Ureaplasma diversum is a commensal of the vagina and prepuce, and in pregnant cows an ascending infection can occur, causing abortion in the last trimester of pregnancy (138). Ureaplasma have also been shown to attach to spermatozoides (139) and may be spread through insemination (140). In Australia, infection in cattle has been confirmed, but without evidence of disease (63, 64), while in New Zealand, U. diversum has been associated with abortions and vaginitis (66). Macroscopic lesions of the placenta include thickening of large areas of the amnion and inter-cotyledonary zones of the chorio-allantois. The thickened regions are opaque white to yellow, with foci of fibrinous exudation and hemorrhage. Microscopic lesions in the placenta, and lymphocytic nodules in the fetal conjunctiva and lung are characteristic and highly suspicious of Ureaplasma infection (141). No gross lesions are seen in the fetus. Diagnosis can be made by multiplex PCR assay on lung and stomach content (117).

Mycoplasma bovis

Mycoplasma bovis abortion has been reported in Ireland, Germany and Australia (69, 142, 143), but despite this, clinical disease is rarely reported in Australia (67).
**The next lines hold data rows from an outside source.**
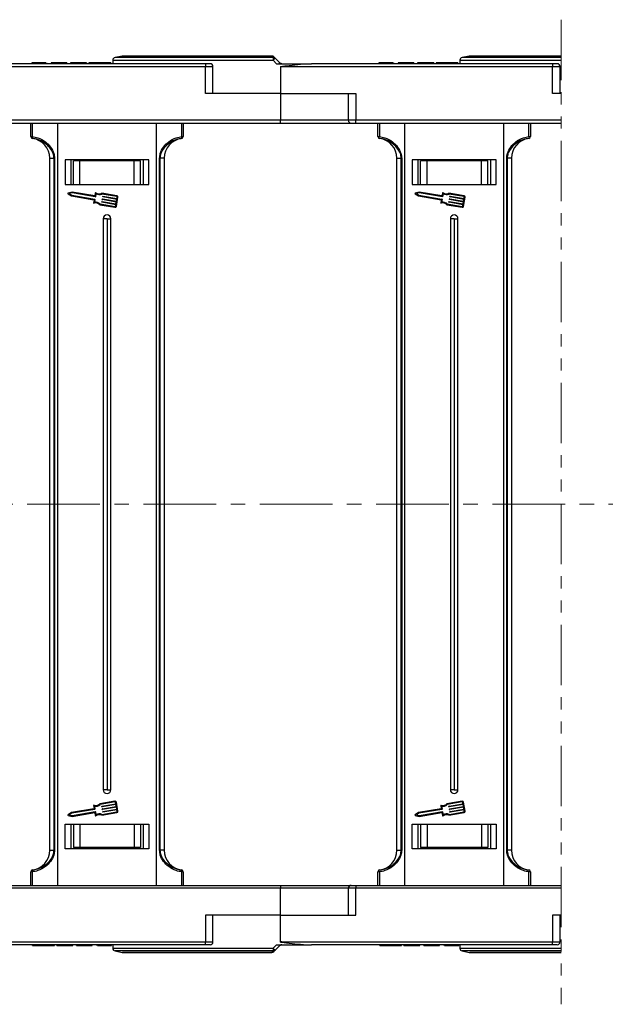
# Model space of a CAD drawing. Header units: millimetres. Extents: x -1595 to 486, y -108 to 1350.
# Tile 15 of 52: x -311 to -158, y 200 to 459. Entities that reach past the tile are written whole.
import ezdxf

# ---------------------------------------------------------------- set-up
doc = ezdxf.new("R2010")
doc.units = ezdxf.units.MM
doc.linetypes.add('CENTERX2', pattern=[20.32, 12.7, -2.54, 2.54, -2.54])
doc.linetypes.add('PHANTOM2', pattern=[31.75, 15.875, -3.175, 3.175, -3.175, 3.175, -3.175])

msp = doc.modelspace()

# ---------------------------------------------------------------- linework, layer by layer
at = {"color": 3, "linetype": 'PHANTOM2', "lineweight": 9}
msp.add_line((-169.537, 458.67), (-169.538, 200.322), dxfattribs=at)
at = {"color": 7, "linetype": 'Continuous', "lineweight": 25}
for p, q in [((-262.827, 447.131), (-326.016, 447.131)), ((-308.337, 447.331), (-308.337, 447.131)), ((-306.484, 447.331), (-306.484, 447.131)), ((-304.622, 447.331), (-304.622, 447.131)), ((-304.491, 447.331), (-304.491, 447.131)), ((-302.106, 447.331), (-303.26, 447.331)), ((-303.26, 447.331), (-303.26, 447.131)), ((-302.106, 447.331), (-302.106, 447.131)), ((-299.568, 447.331), (-302.106, 447.331)), ((-299.568, 447.331), (-299.568, 447.131)), ((-299.183, 447.331), (-299.568, 447.331)), ((-299.183, 447.331), (-299.183, 447.131)), ((-298.183, 447.331), (-298.183, 447.131)), ((-293.952, 447.331), (-298.183, 447.331)), ((-293.952, 447.331), (-293.952, 447.131)), ((-293.337, 447.331), (-293.337, 447.131)), ((-290.482, 447.331), (-290.482, 447.131)), ((-287.645, 447.331), (-287.645, 447.131)), ((-287.105, 448.016), (-287.105, 447.131)), ((-284.678, 449.117), (-286.502, 448.752)), ((-245.416, 449.131), (-284.531, 449.131)), ((-262.827, 447.131), (-262.827, 446.381)), ((-261.577, 447.131), (-262.827, 447.131)), ((-245.085, 448.016), (-244.184, 447.131)), ((-244.184, 447.131), (-235.016, 447.131)), ((-171.827, 447.131), (-235.016, 447.131)), ((-217.337, 447.331), (-217.337, 447.131)), ((-215.484, 447.331), (-215.484, 447.131)), ((-213.622, 447.331), (-213.622, 447.131)), ((-213.491, 447.331), (-213.491, 447.131)), ((-212.26, 447.331), (-212.26, 447.131)), ((-211.106, 447.331), (-212.26, 447.331)), ((-211.106, 447.331), (-211.106, 447.131)), ((-208.568, 447.331), (-211.106, 447.331)), ((-208.568, 447.331), (-208.568, 447.131)), ((-208.183, 447.331), (-208.568, 447.331)), ((-208.183, 447.331), (-208.183, 447.131)), ((-207.183, 447.331), (-207.183, 447.131)), ((-202.952, 447.331), (-207.183, 447.331)), ((-202.952, 447.331), (-202.952, 447.131)), ((-202.337, 447.331), (-202.337, 447.131)), ((-199.482, 447.331), (-199.482, 447.131)), ((-196.645, 447.331), (-196.645, 447.131)), ((-196.105, 448.016), (-196.105, 447.131)), ((-193.678, 449.117), (-195.502, 448.752)), ((-169.537, 449.131), (-193.531, 449.131)), ((-171.827, 447.131), (-171.827, 446.381)), ((-170.577, 447.131), (-171.827, 447.131)), ((-333.795, 446.381), (-262.827, 446.381)), ((-262.827, 439.331), (-262.827, 446.381)), ((-260.827, 439.331), (-260.827, 446.381)), ((-243.105, 446.414), (-243.105, 439.331)), ((-242.795, 446.381), (-242.795, 446.422)), ((-242.795, 446.381), (-171.827, 446.381)), ((-171.827, 439.331), (-171.827, 446.381)), ((-169.827, 439.331), (-169.827, 446.381)), ((-243.105, 439.331), (-262.827, 439.331)), ((-243.105, 439.331), (-243.105, 432.281)), ((-243.105, 439.331), (-223.383, 439.331)), ((-225.383, 439.331), (-225.383, 432.281)), ((-223.383, 439.331), (-223.383, 432.281)), ((-169.537, 439.331), (-171.827, 439.331)), ((-243.105, 432.281), (-314.383, 432.281)), ((-314.383, 431.531), (-243.105, 431.531)), ((-308.605, 427.995), (-308.605, 431.531)), ((-308.21, 431.531), (-308.21, 427.995)), ((-301.605, 431.531), (-301.605, 331.531)), ((-275.605, 331.531), (-275.605, 431.531)), ((-269.001, 427.995), (-269.001, 431.531)), ((-268.605, 431.531), (-268.605, 427.995)), ((-243.105, 431.531), (-243.105, 432.281)), ((-243.105, 431.531), (-224.633, 431.531)), ((-224.633, 431.531), (-223.383, 431.531)), ((-169.537, 432.281), (-223.383, 432.281)), ((-223.383, 431.531), (-223.383, 432.281)), ((-223.383, 431.531), (-169.537, 431.531)), ((-217.605, 427.995), (-217.605, 431.531)), ((-217.21, 431.531), (-217.21, 427.995)), ((-210.605, 431.531), (-210.605, 331.531)), ((-184.605, 331.531), (-184.605, 431.531)), ((-178.001, 427.995), (-178.001, 431.531)), ((-177.605, 431.531), (-177.605, 427.995)), ((-308.605, 427.995), (-308.21, 427.995)), ((-308.167, 427.5), (-308.167, 427.496)), ((-269.044, 427.496), (-269.044, 427.5)), ((-269.001, 427.995), (-268.605, 427.995)), ((-217.605, 427.995), (-217.21, 427.995)), ((-217.167, 427.5), (-217.167, 427.496)), ((-178.044, 427.496), (-178.044, 427.5)), ((-178.001, 427.995), (-177.605, 427.995)), ((-303.605, 422.335), (-302.484, 422.335)), ((-303.605, 331.531), (-303.605, 422.335)), ((-302.369, 422.335), (-302.484, 422.335)), ((-302.484, 331.531), (-302.484, 422.335)), ((-302.369, 422.335), (-302.369, 331.531)), ((-299.605, 421.931), (-299.605, 415.431)), ((-277.605, 421.931), (-299.605, 421.931)), ((-298.105, 421.931), (-298.105, 415.431)), ((-297.405, 415.431), (-297.405, 421.631)), ((-295.725, 421.631), (-297.405, 421.631)), ((-295.725, 415.431), (-295.725, 421.631)), ((-281.486, 421.631), (-295.725, 421.631)), ((-281.486, 415.431), (-281.486, 421.631)), ((-279.805, 421.631), (-281.486, 421.631)), ((-279.805, 415.431), (-279.805, 421.631)), ((-279.105, 421.931), (-279.105, 415.431)), ((-279.105, 421.931), (-279.105, 415.431)), ((-277.605, 415.431), (-277.605, 421.931)), ((-274.841, 331.531), (-274.841, 422.335)), ((-274.726, 422.335), (-274.841, 422.335)), ((-273.605, 422.335), (-274.726, 422.335)), ((-274.726, 422.335), (-274.726, 331.531)), ((-273.605, 422.335), (-273.605, 331.531)), ((-212.605, 422.335), (-211.484, 422.335)), ((-212.605, 331.531), (-212.605, 422.335)), ((-211.369, 422.335), (-211.484, 422.335)), ((-211.484, 331.531), (-211.484, 422.335)), ((-211.369, 422.335), (-211.369, 331.531)), ((-208.605, 421.931), (-208.605, 415.431)), ((-186.605, 421.931), (-208.605, 421.931)), ((-207.105, 421.931), (-207.105, 415.431)), ((-206.405, 415.431), (-206.405, 421.631)), ((-204.725, 421.631), (-206.405, 421.631)), ((-204.725, 415.431), (-204.725, 421.631)), ((-190.486, 421.631), (-204.725, 421.631)), ((-190.486, 415.431), (-190.486, 421.631)), ((-188.805, 421.631), (-190.486, 421.631)), ((-188.805, 415.431), (-188.805, 421.631)), ((-188.105, 421.931), (-188.105, 415.431)), ((-188.105, 421.931), (-188.105, 415.431)), ((-186.605, 415.431), (-186.605, 421.931)), ((-183.726, 422.335), (-183.841, 422.335)), ((-183.841, 331.531), (-183.841, 422.335)), ((-182.605, 422.335), (-183.726, 422.335)), ((-183.726, 422.335), (-183.726, 331.531)), ((-182.605, 422.335), (-182.605, 331.531)), ((-299.605, 415.431), (-277.605, 415.431)), ((-297.765, 413.431), (-298.8, 413.185)), ((-291.82, 412.415), (-297.765, 413.431)), ((-208.605, 415.431), (-186.605, 415.431)), ((-206.765, 413.431), (-207.8, 413.185)), ((-200.82, 412.415), (-206.765, 413.431)), ((-298.832, 413), (-297.937, 412.426)), ((-297.758, 413.223), (-298.52, 413.042)), ((-298.52, 413.042), (-297.861, 412.62)), ((-297.937, 412.426), (-292.042, 411.419)), ((-297.861, 412.62), (-291.806, 411.585)), ((-291.703, 412.188), (-297.758, 413.223)), ((-292, 411.36), (-292.124, 410.633)), ((-291.765, 411.526), (-291.898, 410.75)), ((-291.687, 413.193), (-291.82, 412.415)), ((-291.512, 413.007), (-291.645, 412.23)), ((-286.001, 412.456), (-289.987, 413.136)), ((-289.98, 410.808), (-289.963, 410.908)), ((-286.035, 412.255), (-289.958, 412.925)), ((-289.904, 410.95), (-286.261, 410.328)), ((-289.86, 411.511), (-289.843, 411.612)), ((-286.175, 410.83), (-289.818, 411.453)), ((-289.784, 411.654), (-286.141, 411.031)), ((-289.74, 412.215), (-289.723, 412.315)), ((-286.055, 411.534), (-289.698, 412.156)), ((-289.664, 412.357), (-286.021, 411.735)), ((-286.261, 410.328), (-286.175, 410.83)), ((-286.163, 409.69), (-285.751, 412.103)), ((-286.141, 411.031), (-286.055, 411.534)), ((-286.021, 411.735), (-285.952, 412.137)), ((-207.832, 413), (-206.937, 412.426)), ((-206.758, 413.223), (-207.52, 413.042)), ((-207.52, 413.042), (-206.861, 412.62)), ((-206.937, 412.426), (-201.042, 411.419)), ((-206.861, 412.62), (-200.806, 411.585)), ((-200.703, 412.188), (-206.758, 413.223)), ((-201, 411.36), (-201.124, 410.633)), ((-200.765, 411.526), (-200.898, 410.75)), ((-200.687, 413.193), (-200.82, 412.415)), ((-200.512, 413.007), (-200.645, 412.23)), ((-195.001, 412.456), (-198.987, 413.136)), ((-198.98, 410.808), (-198.963, 410.908)), ((-195.035, 412.255), (-198.958, 412.925)), ((-198.904, 410.95), (-195.261, 410.328)), ((-198.86, 411.511), (-198.843, 411.612)), ((-195.175, 410.83), (-198.818, 411.453)), ((-198.784, 411.654), (-195.141, 411.031)), ((-198.74, 412.215), (-198.723, 412.315)), ((-195.055, 411.534), (-198.698, 412.156)), ((-198.664, 412.357), (-195.021, 411.735)), ((-195.261, 410.328), (-195.175, 410.83)), ((-195.163, 409.69), (-194.751, 412.103)), ((-195.141, 411.031), (-195.055, 411.534)), ((-195.021, 411.735), (-194.952, 412.137)), ((-290.502, 410.121), (-286.516, 409.44)), ((-290.405, 410.312), (-286.482, 409.641)), ((-286.295, 410.127), (-289.938, 410.749)), ((-286.364, 409.725), (-286.295, 410.127)), ((-199.502, 410.121), (-195.516, 409.44)), ((-199.405, 410.312), (-195.482, 409.641)), ((-195.295, 410.127), (-198.938, 410.749)), ((-195.364, 409.725), (-195.295, 410.127)), ((-289.605, 406.431), (-289.605, 331.531)), ((-288.605, 406.431), (-289.605, 406.431)), ((-288.605, 406.431), (-287.605, 406.431)), ((-288.605, 406.431), (-288.605, 331.531)), ((-287.605, 331.531), (-287.605, 406.431)), ((-198.605, 406.431), (-198.605, 331.531)), ((-197.605, 406.431), (-198.605, 406.431)), ((-197.605, 406.431), (-197.605, 331.531)), ((-197.605, 406.431), (-196.605, 406.431)), ((-196.605, 331.531), (-196.605, 406.431)), ((-303.605, 240.727), (-303.605, 331.531)), ((-302.484, 240.727), (-302.484, 331.531)), ((-302.369, 331.531), (-302.369, 240.727)), ((-301.605, 331.531), (-301.605, 231.531)), ((-289.605, 331.531), (-289.605, 256.631)), ((-288.605, 331.531), (-288.605, 256.631)), ((-287.605, 256.631), (-287.605, 331.531)), ((-275.605, 231.531), (-275.605, 331.531)), ((-274.841, 240.727), (-274.841, 331.531)), ((-274.726, 331.531), (-274.726, 240.727)), ((-273.605, 331.531), (-273.605, 240.727)), ((-212.605, 240.727), (-212.605, 331.531)), ((-211.484, 240.727), (-211.484, 331.531)), ((-211.369, 331.531), (-211.369, 240.727)), ((-210.605, 331.531), (-210.605, 231.531)), ((-198.605, 331.531), (-198.605, 256.631)), ((-197.605, 331.531), (-197.605, 256.631)), ((-196.605, 256.631), (-196.605, 331.531)), ((-184.605, 231.531), (-184.605, 331.531)), ((-183.841, 240.727), (-183.841, 331.531)), ((-183.726, 331.531), (-183.726, 240.727)), ((-182.605, 331.531), (-182.605, 240.727)), ((-288.605, 256.631), (-289.605, 256.631)), ((-288.605, 256.631), (-287.605, 256.631)), ((-197.605, 256.631), (-198.605, 256.631)), ((-197.605, 256.631), (-196.605, 256.631)), ((-286.516, 253.622), (-290.502, 252.941)), ((-286.482, 253.421), (-290.405, 252.751)), ((-286.295, 252.936), (-286.364, 253.338)), ((-285.751, 250.96), (-286.163, 253.372)), ((-195.516, 253.622), (-199.502, 252.941)), ((-195.482, 253.421), (-199.405, 252.751)), ((-195.295, 252.936), (-195.364, 253.338)), ((-194.751, 250.96), (-195.163, 253.372)), ((-297.937, 250.637), (-298.832, 250.062)), ((-292.042, 251.644), (-297.937, 250.637)), ((-291.806, 251.477), (-297.861, 250.443)), ((-297.765, 249.632), (-291.82, 250.648)), ((-297.758, 249.84), (-291.703, 250.874)), ((-292.124, 252.43), (-292, 251.703)), ((-291.898, 252.313), (-291.765, 251.536)), ((-291.82, 250.648), (-291.687, 249.87)), ((-291.645, 250.833), (-291.512, 250.056)), ((-289.987, 249.926), (-286.001, 250.607)), ((-289.963, 252.154), (-289.98, 252.255)), ((-289.958, 250.138), (-286.035, 250.808)), ((-289.938, 252.314), (-286.295, 252.936)), ((-286.261, 252.735), (-289.904, 252.113)), ((-289.843, 251.451), (-289.86, 251.551)), ((-289.818, 251.61), (-286.175, 252.232)), ((-286.141, 252.031), (-289.784, 251.409)), ((-289.723, 250.747), (-289.74, 250.848)), ((-289.698, 250.907), (-286.055, 251.529)), ((-286.021, 251.328), (-289.664, 250.706)), ((-286.175, 252.232), (-286.261, 252.735)), ((-286.055, 251.529), (-286.141, 252.031)), ((-285.952, 250.926), (-286.021, 251.328)), ((-206.937, 250.637), (-207.832, 250.062)), ((-201.042, 251.644), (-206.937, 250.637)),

Until 2009, there was no evidence of M. bovis in New Zealand dairy cattle (144), but infection was detected in 2017⁴ A potential source of transmission was recently described in Finland, when infection was introduced into previously disease-free herds by frozen semen (145). Placentitis, swollen lymph nodes, pulmonary consolidation, interstitial and bronchial pneumonia, fibrinous pericarditis and enlarged liver may be evident in the aborted fetus (142). The organism may be isolated from the stomach content (143), but diagnosis can also be made by multiplex PCR on serum, lung, and liver (117, 146, 147).

Coxiella burnetii

Coxiella burnetii is the etiological agent of Q-fever, a serious zoonotic infection that affects livestock and wild mammals worldwide, except New Zealand (148). The organism is spread in excretions of infected animals, and can be spread as aerosols or by dust. In humans, for which cattle are only rarely the source of infection (149), the disease is subclinical in >60% of the cases. In ruminants, particularly in sheep and goats, it causes abortions, as evidenced in the recent severe zoonotic outbreak in the Netherlands (150). Experimental confirmation of C. burnetii as the etiological agent in bovine abortion is generally lacking, complicated by the fact that C. burnetti is found in healthy placentas (151). To make an etiological diagnosis in cases of abortion, placentitis should be present alongside the organism, and mild to severe evidence of inflammation should be seen upon histological examination (151). Modified Ziehl-Neelsen (MZN) smears have traditionally been used to detect C. burnetti in the placental cotyledons, but immunohistochemistry, fluorescence in situ hybridization and PCR assay are also possible (151, 152).

Chlamydia

Chlamydia and Chlamydophila are obligate intracellular pathogens that are spread by contact with secretions and excretions of infected animals. These bacteria have been associated with abortions in cattle (153), and Chlamydia psittaci was isolated in a case of abortion in Australia in 1986 (70) but has not been reported since. This may have been a misidentification of a Chlamydophila pecorum infection (154), which does not cause abortion. In New Zealand, C. psittaci has been found in birds (155) but not cattle. In cases of suspected chlamydial abortions, purulent or necrotising placentitis may be observed by histopathology and genetic material may be detected by PCR (117, 156).

Other bacteria

A range of other opportunistic bacterial infections can lead to abortion, these include: Escherichia coli, Fusobacterium necrophorum, Staphylococcus aureus, Streptococcus bovis, Trueperella pyogenes, and others, which require routine diagnostic procedures to confirm the diagnosis (157).

Viral abortion

Bovine viral diarrhea virus (BVDV)

The pathogenesis and diagnosis of Bovine Viral Diarrhea has recently been reviewed extensively (158). In both countries, only BVDV Type 1 infections have been recorded. In Australia, the overwhelming majority of isolates are of a Type 1c classification (159), while the diversity of strains observed in New Zealand is much greater (160). The virus has reached a high level of endemicity in both countries, and more than 80% of adult cattle usually show an antibody response. This decreases the potential for major reproductive disease but potentially devastating outbreaks of abortions can still occur when persistently infected cattle are introduced to BVDV naïve groups. The impact in both countries, and the mitigation options available have recently been reviewed (85). BVDV is immunosuppressive, increasing susceptibility to co-infection, so evidence of the virus in fetal and placental samples does not confirm BVDV as the etiological agent. Reproductive failures associated with BVDV are variable in timing and appearance, and lesions associated with BVDV are varied but may include vasculitis, placentitis, tissue necrosis, and atrophy (161–163). The virus can be detected using reverse transcription quantitative PCR (RT-qPCR) or immunohistochemistry. Diagnosis of an acute BVDV infection in the adult can be made using serology on paired serum samples.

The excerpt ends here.